Exercise details | Repeat every record exactly, omitting the pictures.

Stored data entries:
────────────────

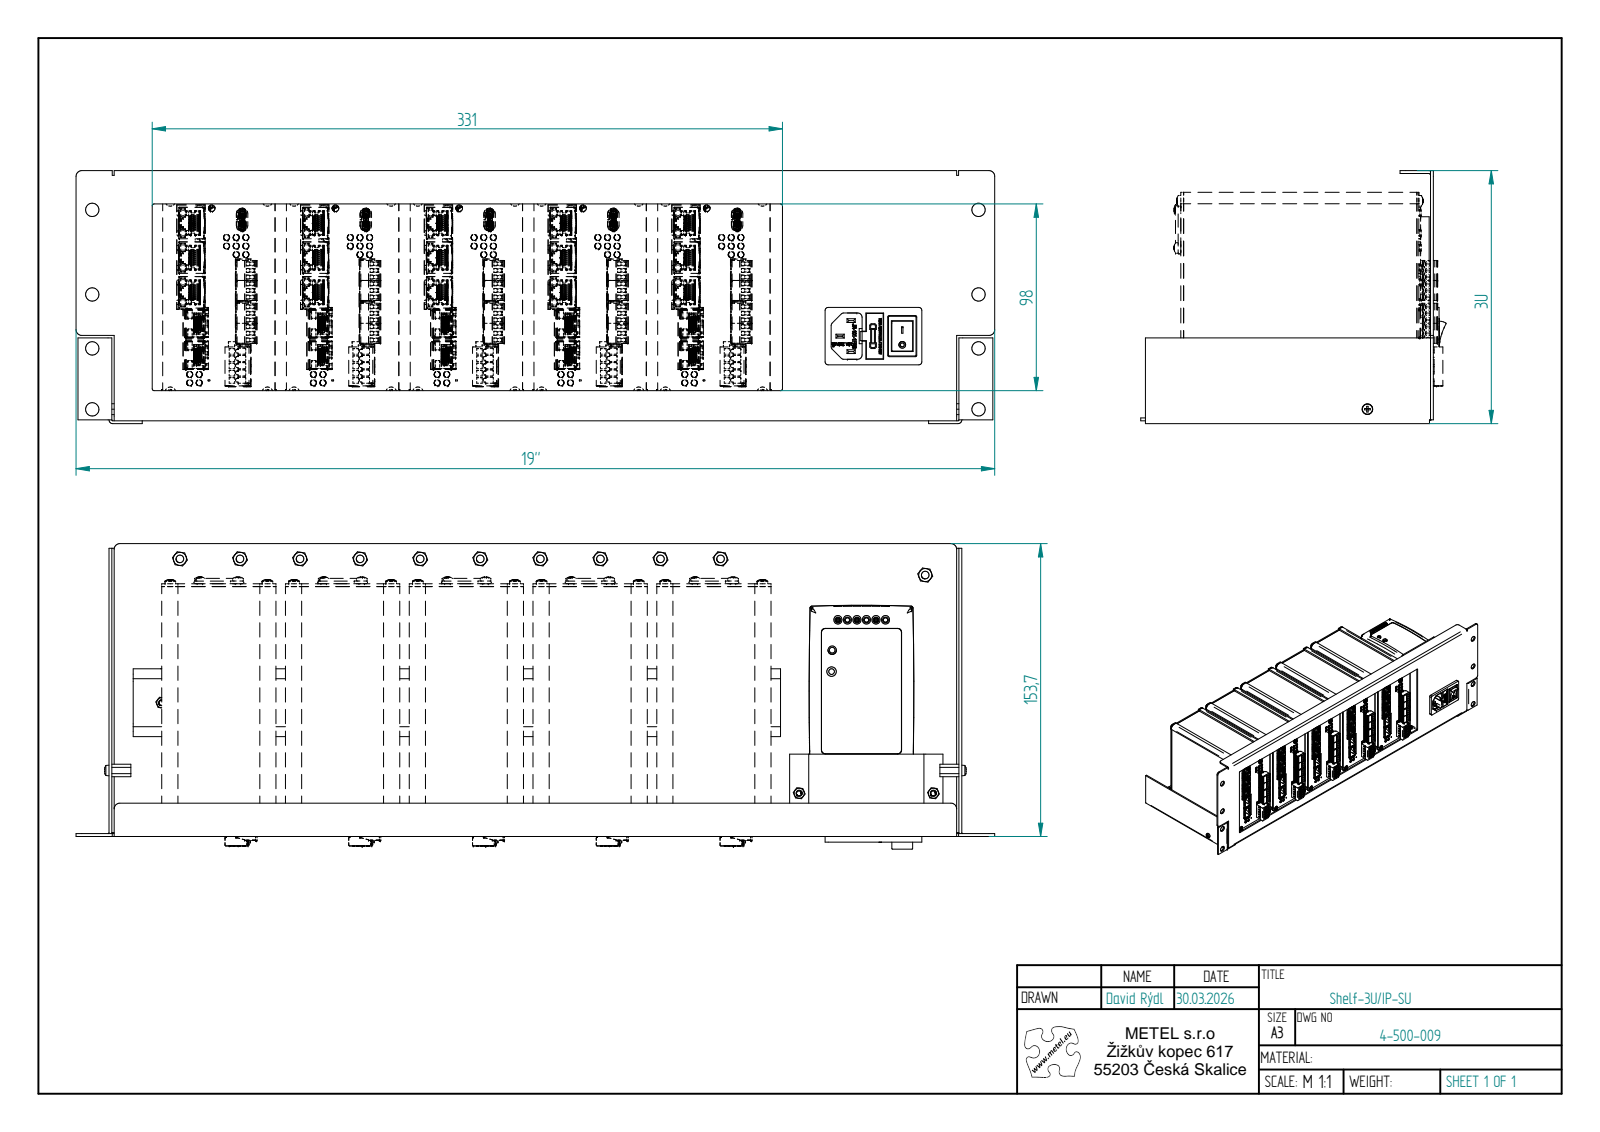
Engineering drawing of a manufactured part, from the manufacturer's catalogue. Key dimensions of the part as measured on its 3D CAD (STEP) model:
Part name (STEP PRODUCT): Shelf-3U_IP-SU; SHELF-ucho-L; SHELF-ui_zrc; distance (+8 more)
STEP written by: Solid Edge (AUTOMOTIVE_DESIGN)
Units: millimetres
Bodies: 695 solids, 81709 faces (42981 planar, 12627 cylindrical, 26101 other)
Overall size (bounding box): 482.5 × 160.36 × 132.8
Volume: 1 045 000 mm³ · Surface area: 1 278 000 mm²
Round holes (diameter × count): ⌀1.5 ×51, ⌀2.1 ×36, ⌀3.25 ×36, ⌀3 ×34, ⌀2.7 ×16, ⌀3.5 ×16, ⌀1.9 ×12, ⌀2.5 ×12, ⌀2.8 ×12, ⌀3.2 ×12, ⌀3.33 ×11, ⌀4.11 ×11
Round bosses / shafts (diameter × count): ⌀1.8 ×42, ⌀3 ×41, ⌀5.6 ×35, ⌀2.9 ×35, ⌀7.5 ×11, ⌀4 ×11, ⌀3.54 ×11, ⌀2 ×9
Partial cylindrical surfaces — rounded edges, fillets, slot ends (radius × count): R0.1 ×420, R0.25 ×408, R0.2 ×243, R0.15 ×175, R0.3 ×165, R0.5 ×165, R0.25 ×158, R0.38 ×148
Main face-to-face distances: 1.5, 65, 57.5, 122.5, 131.15, 130, 7.5, 66.5, 63.5, 124
Hole centre spacings: 3.5, 20, 31.55, 63.1, 94.65, 5, 7, 126.2
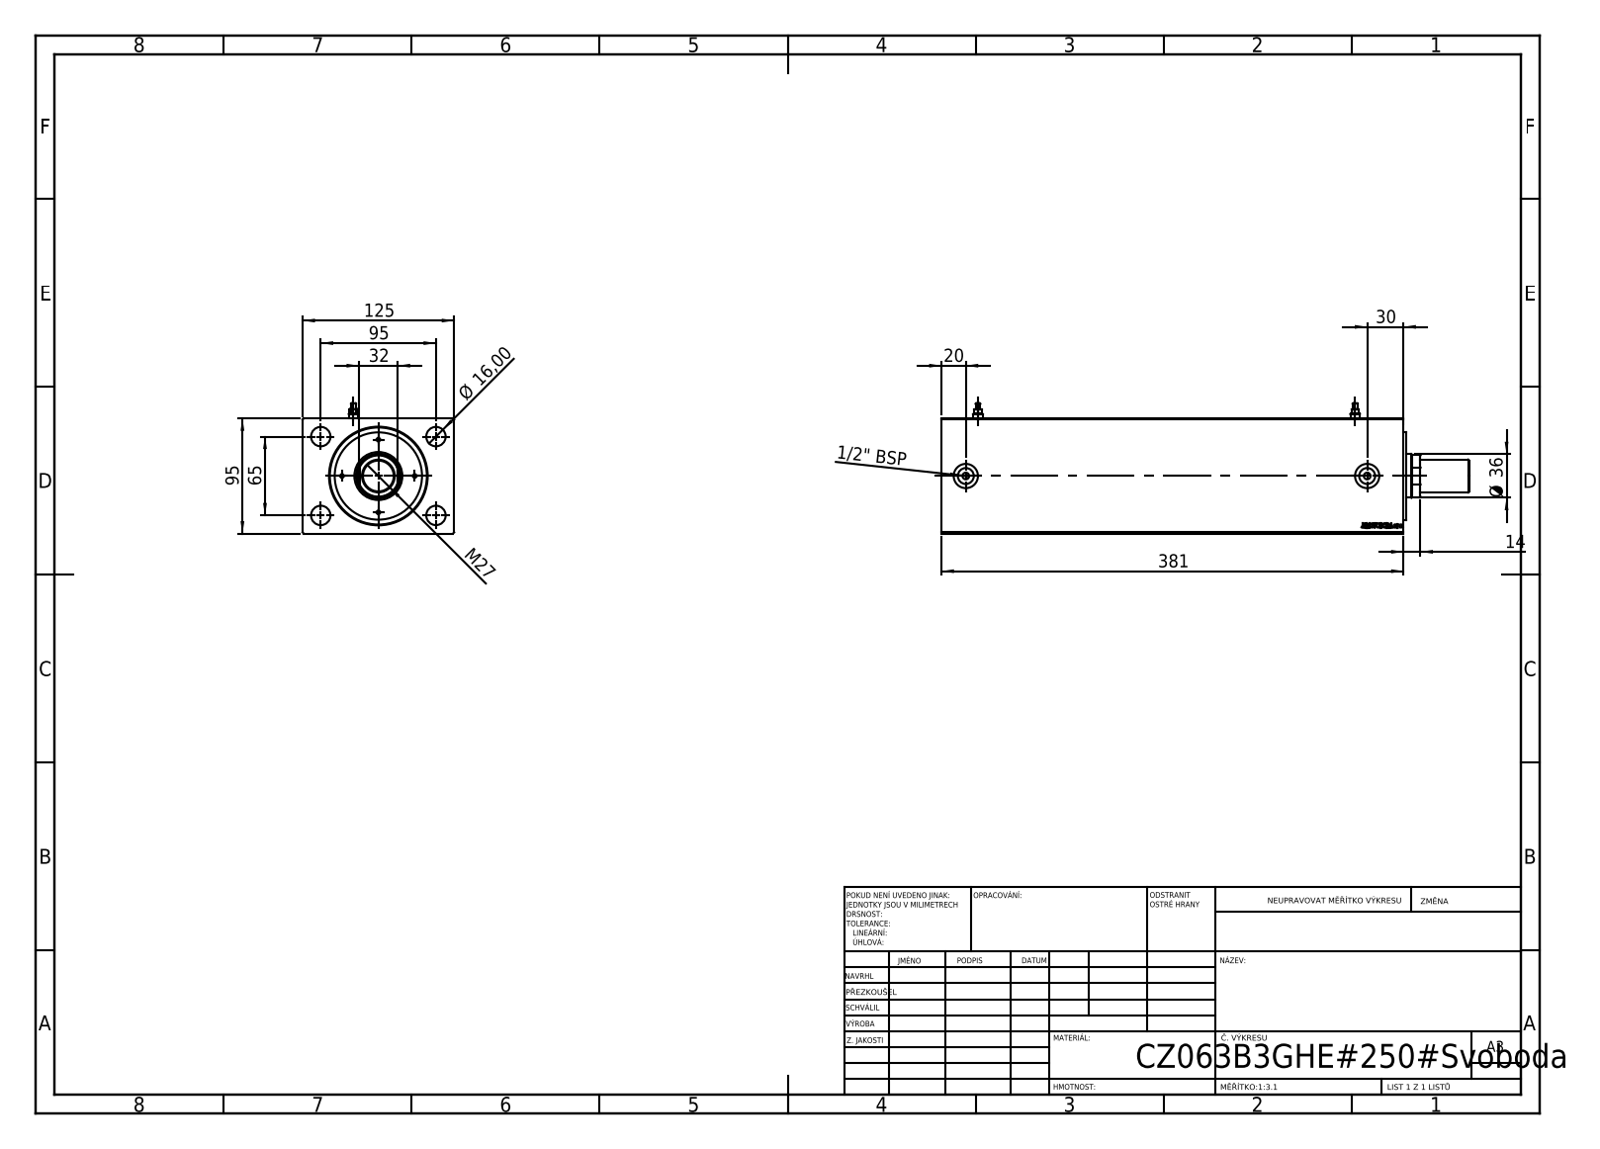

────────────────

Response to the task |
Engineering drawing of a manufactured part, from the manufacturer's catalogue. Key dimensions of the part as measured on its 3D CAD (STEP) model:
Part name (STEP PRODUCT): Shelf-3U_IP-SU; SHELF-ucho-L; SHELF-ui_zrc; distance (+8 more)
STEP written by: Solid Edge (AUTOMOTIVE_DESIGN)
Units: millimetres
Bodies: 695 solids, 81709 faces (42981 planar, 12627 cylindrical, 26101 other)
Overall size (bounding box): 482.5 × 160.36 × 132.8
Volume: 1 045 000 mm³ · Surface area: 1 278 000 mm²
Round holes (diameter × count): ⌀1.5 ×51, ⌀2.1 ×36, ⌀3.25 ×36, ⌀3 ×34, ⌀2.7 ×16, ⌀3.5 ×16, ⌀1.9 ×12, ⌀2.5 ×12, ⌀2.8 ×12, ⌀3.2 ×12, ⌀3.33 ×11, ⌀4.11 ×11
Round bosses / shafts (diameter × count): ⌀1.8 ×42, ⌀3 ×41, ⌀5.6 ×35, ⌀2.9 ×35, ⌀7.5 ×11, ⌀4 ×11, ⌀3.54 ×11, ⌀2 ×9
Partial cylindrical surfaces — rounded edges, fillets, slot ends (radius × count): R0.1 ×420, R0.25 ×408, R0.2 ×243, R0.15 ×175, R0.3 ×165, R0.5 ×165, R0.25 ×158, R0.38 ×148
Main face-to-face distances: 1.5, 65, 57.5, 122.5, 131.15, 130, 7.5, 66.5, 63.5, 124
Hole centre spacings: 3.5, 20, 31.55, 63.1, 94.65, 5, 7, 126.2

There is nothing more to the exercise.